If you try clicking the links or download in a new browser, you can see that they don't load.

A strict CSP is necessary for these to pass. If you allow direct fetch access to even one file URL from the inner iframe, it can send info from inside the inner iframe in the query string (the CSP checks the path but not the query string). This would likely be a trusted server, but it's still against the goals of this sandbox.

Having the data in the sandbox stay in the sandbox, unless the user copies or downloads it, depends on the browser being secure.
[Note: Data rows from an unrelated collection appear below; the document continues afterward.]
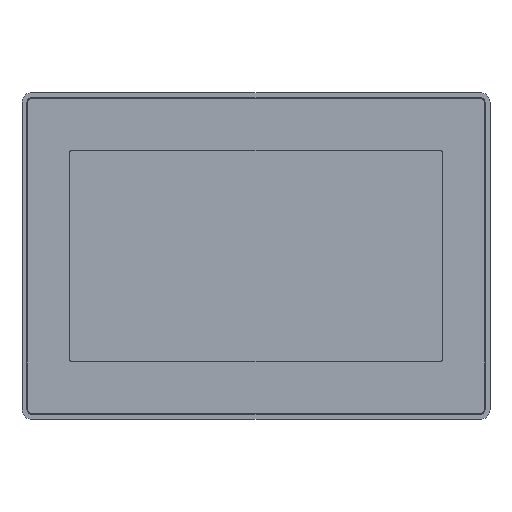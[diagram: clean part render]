
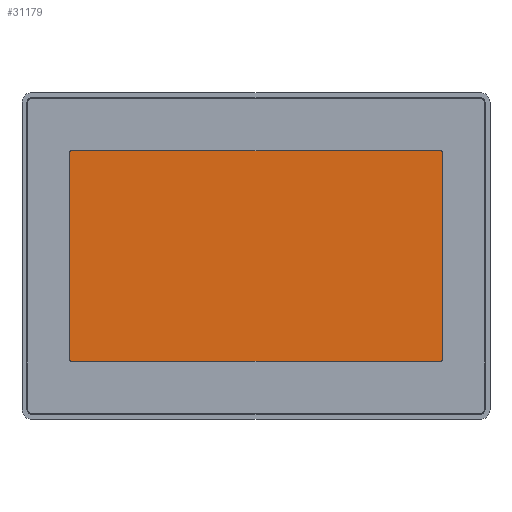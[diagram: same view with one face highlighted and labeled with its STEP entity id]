
A CAD part, top view. The second image highlights one B-rep face of the part: STEP entity #31179.
In plain terms, the highlighted planar face has unit normal (0, 0, 1).
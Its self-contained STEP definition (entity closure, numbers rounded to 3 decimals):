
#1441 = VECTOR ( 'NONE', #15804, 1000. ) ;
#1554 = EDGE_CURVE ( 'NONE', #23696, #5170, #43688, .T. ) ;
#2589 = DIRECTION ( 'NONE',  ( 1., 0., 0. ) ) ;
#4941 = CARTESIAN_POINT ( 'NONE',  ( -112.26, 63.54, -0.351 ) ) ;
#4977 = CARTESIAN_POINT ( 'NONE',  ( -112.26, -63.54, -0.351 ) ) ;
#5170 = VERTEX_POINT ( 'NONE', #5946 ) ;
#5946 = CARTESIAN_POINT ( 'NONE',  ( 112.26, 63.54, -0.351 ) ) ;
#8582 = EDGE_CURVE ( 'NONE', #9018, #20009, #44422, .T. ) ;
#9018 = VERTEX_POINT ( 'NONE', #40551 ) ;
#13471 = PLANE ( 'NONE',  #24366 ) ;
#15804 = DIRECTION ( 'NONE',  ( 1., 0., 0. ) ) ;
#15938 = DIRECTION ( 'NONE',  ( 0., -1., 0. ) ) ;
#16241 = ORIENTED_EDGE ( 'NONE', *, *, #26090, .T. ) ;
#19311 = CARTESIAN_POINT ( 'NONE',  ( 112.26, -63.54, -0.351 ) ) ;
#20009 = VERTEX_POINT ( 'NONE', #4977 ) ;
#20222 = DIRECTION ( 'NONE',  ( -1., 0., 0. ) ) ;
#20256 = EDGE_LOOP ( 'NONE', ( #36555, #41511, #27970, #16241 ) ) ;
#21969 = VECTOR ( 'NONE', #20222, 1000. ) ;
#23151 = CARTESIAN_POINT ( 'NONE',  ( -112.26, -63.54, -0.351 ) ) ;
#23696 = VERTEX_POINT ( 'NONE', #19311 ) ;
#24310 = CARTESIAN_POINT ( 'NONE',  ( -112.26, -63.54, -0.351 ) ) ;
#24366 = AXIS2_PLACEMENT_3D ( 'NONE', #24310, #24450, #2589 ) ;
#24450 = DIRECTION ( 'NONE',  ( 0., 0., 1. ) ) ;
#26090 = EDGE_CURVE ( 'NONE', #20009, #23696, #29364, .T. ) ;
#27970 = ORIENTED_EDGE ( 'NONE', *, *, #8582, .T. ) ;
#29364 = LINE ( 'NONE', #23151, #1441 ) ;
#31179 = ADVANCED_FACE ( 'NONE', ( #41666 ), #13471, .T. ) ;
#34013 = VECTOR ( 'NONE', #39629, 1000. ) ;
#34800 = VECTOR ( 'NONE', #15938, 1000. ) ;
#36555 = ORIENTED_EDGE ( 'NONE', *, *, #1554, .T. ) ;
#36893 = EDGE_CURVE ( 'NONE', #5170, #9018, #40181, .T. ) ;
#39629 = DIRECTION ( 'NONE',  ( 0., 1., 0. ) ) ;
#40181 = LINE ( 'NONE', #45663, #21969 ) ;
#40551 = CARTESIAN_POINT ( 'NONE',  ( -112.26, 63.54, -0.351 ) ) ;
#41511 = ORIENTED_EDGE ( 'NONE', *, *, #36893, .T. ) ;
#41666 = FACE_OUTER_BOUND ( 'NONE', #20256, .T. ) ;
#43273 = CARTESIAN_POINT ( 'NONE',  ( 112.26, 63.54, -0.351 ) ) ;
#43688 = LINE ( 'NONE', #43273, #34013 ) ;
#44422 = LINE ( 'NONE', #4941, #34800 ) ;
#45663 = CARTESIAN_POINT ( 'NONE',  ( -112.26, 63.54, -0.351 ) ) ;

Be sure to use an up-to-date browser.

Also the data:, 'unsafe-inline', and 'unsafe-eval' are needed for notebook features, but make it so some browser vulnerabilities that have happened recently would occur here. For instance, font vulnerability and image vulnerability. So it's important to be careful.

These shouldn't allow for external access, but it needs to be investigated more fully.